While School’s Out, Districts Weigh How to Collect Kids’ Unpaid Lunch Debt

Students fill the cafeteria at Woodlawn Elementary School in St. Petersburg, Fla. The school provides 100 percent free lunches to their students. Tina Russell/The Penny Hoarder

Heads up, moms and dads: When your child heads back to school in a couple months, their classroom curriculum should not be the only thing on your mind.

Right now, while you’re trying to wrangle your kiddos at home, school officials are putting the final touches on written policies for how staffers will collect lunch debt from you and your children.

Despite the fact that about 75% of school districts ended the 2015-16 school year with unpaid school lunch tabs on their books, many districts don’t have a formal policy on how to handle it when hungry kids can’t pay for their meals.

Tactics range from sending children home with stamps on their hands that read “I need lunch money” to lunchroom staffers taking hot lunches away from children and replacing them with cold cheese sandwiches.

Critics call those practices lunch shaming, and child psychologists say the negative impact can be immediate and lasting.

What Will Be in Lunch Debt Policies?

The U.S. Department of Agriculture, the government agency that heads the national school lunch program, is requiring districts to complete the written policies this month.

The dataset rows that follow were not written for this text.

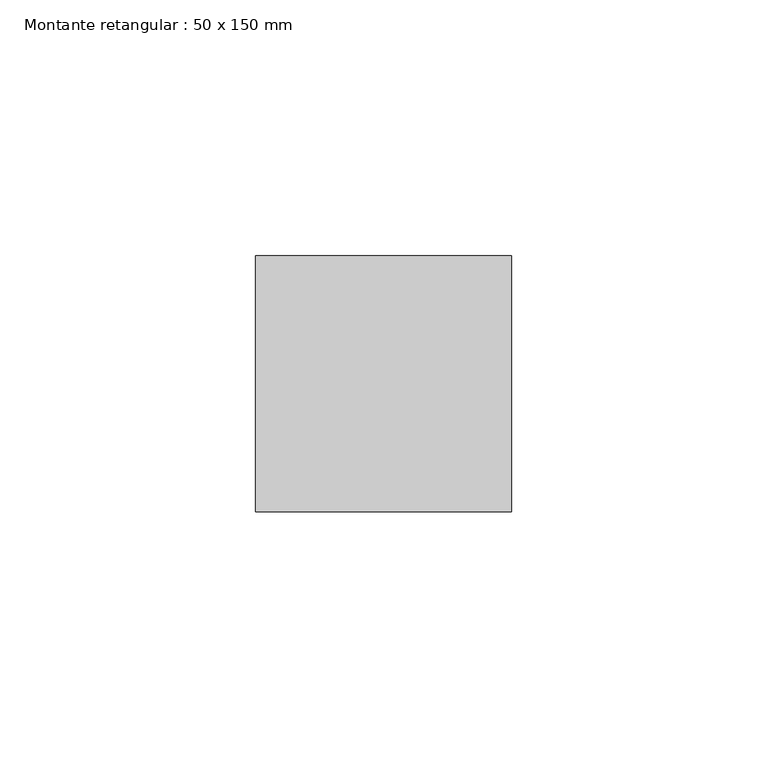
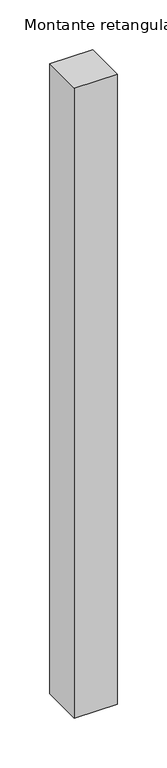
"""IFC4 building model written with IfcOpenShell, lengths in millimetres: member geometry, Montante retangular : 50 x 150 mm."""

from ifc_helpers import new_model, si_unit, frame, origin, place, context, project, spatial, polyline, outline, extrude, source, transform, mapped, element, save


def montante_retangular_50_x_150_mm_d27d1995(model_context):
    return source(origin(), model_context, "Body", "SweptSolid", [
        extrude(outline(polyline([(0.0, 25.0), (0.0, -25.0), (-50.0, -25.0), (-50.0, 25.0), (0.0, 25.0)])), frame((0.0, 0.0, -775.0), z_axis=(0.0, 0.0, 1.0), x_axis=(1.0, 0.0, 0.0)), (0.0, 0.0, 1.0), 775.0),
    ])


if __name__ == "__main__":
    model = new_model("IFC4")
    model_context = context("Model", 3, world=origin())
    ifc_project = project(units=[si_unit("LENGTHUNIT", "METRE", prefix="MILLI")], contexts=[model_context])
    site = spatial("IfcSite", under=ifc_project)
    building = spatial("IfcBuilding", under=site)
    placement = place(None, origin())
    montante_retangular_50_x_150_mm_shape = montante_retangular_50_x_150_mm_d27d1995(model_context)
    element("IfcMember", 1, ObjectType="Montante retangular : 50 x 150 mm", at=placement, inside=building, context=model_context, shape_type="MappedRepresentation", body=[
        mapped(montante_retangular_50_x_150_mm_shape, transform((0.0, 0.0, 0.0), x_axis=(1.0, 0.0, 0.0), y_axis=(0.0, 1.0, 0.0), z_axis=(0.0, 0.0, 1.0))),
    ])
    save(model, "model.ifc")

While it has not put forth many mandates for what the lunch debt policies must contain, it did provide 72 pages of guidelines and best practices to help school districts shape their rules.

Here’s an idea of what the USDA recommends:

1. Discreet Payment Reminders

The USDA suggests sending escalating reminders when lunch account balances drop below $5. It suggests starting with written reminders then progressing to personal phone calls and in-person reminders as balances become negative and remain unpaid.

Regardless of the strategy schools use, the USDA suggests schools “communicate directly with adults in the household if a payment is overdue, rather than communicating with or through the child.”

2. Changes to Payment Procedures

The USDA also suggests procedural changes to reduce the risk of embarrassing children.

One idea is to move the register from the end of the line to the beginning. The hope is this will prevent instances that require cafeteria workers to take a hot lunch away from a student who can’t pay.

According to the USDA, if the register is at the beginning of the line, it “helps the cashier determine which children, if any, are unable to pay for their meal, and allows the cashier to address the issue discreetly before the child has chosen a meal.”

3. Don’t Single Out Children

Finally, the USDA also provided alternatives to some of the most common lunch-shaming tactics.

For example, rather than sending clearly marked notices home with children when their lunch account balances are low, the USDA suggests sending notices home in plain white envelopes or including them with the normal school communications all children receive.

What’s Prohibited by the USDA?

While the USDA created the best practices with input from school officials, school districts still get to decide what’s best for them in all instances, except in one specific case.

No school district can ask volunteers, “especially the parents or guardians of other students, to request payment from a family with unpaid meal charges,” the guidelines said.

Unless a family gives specific consent, only appropriate personnel trained in the USDA’s confidentiality requirements can communicate with families about lunch debt.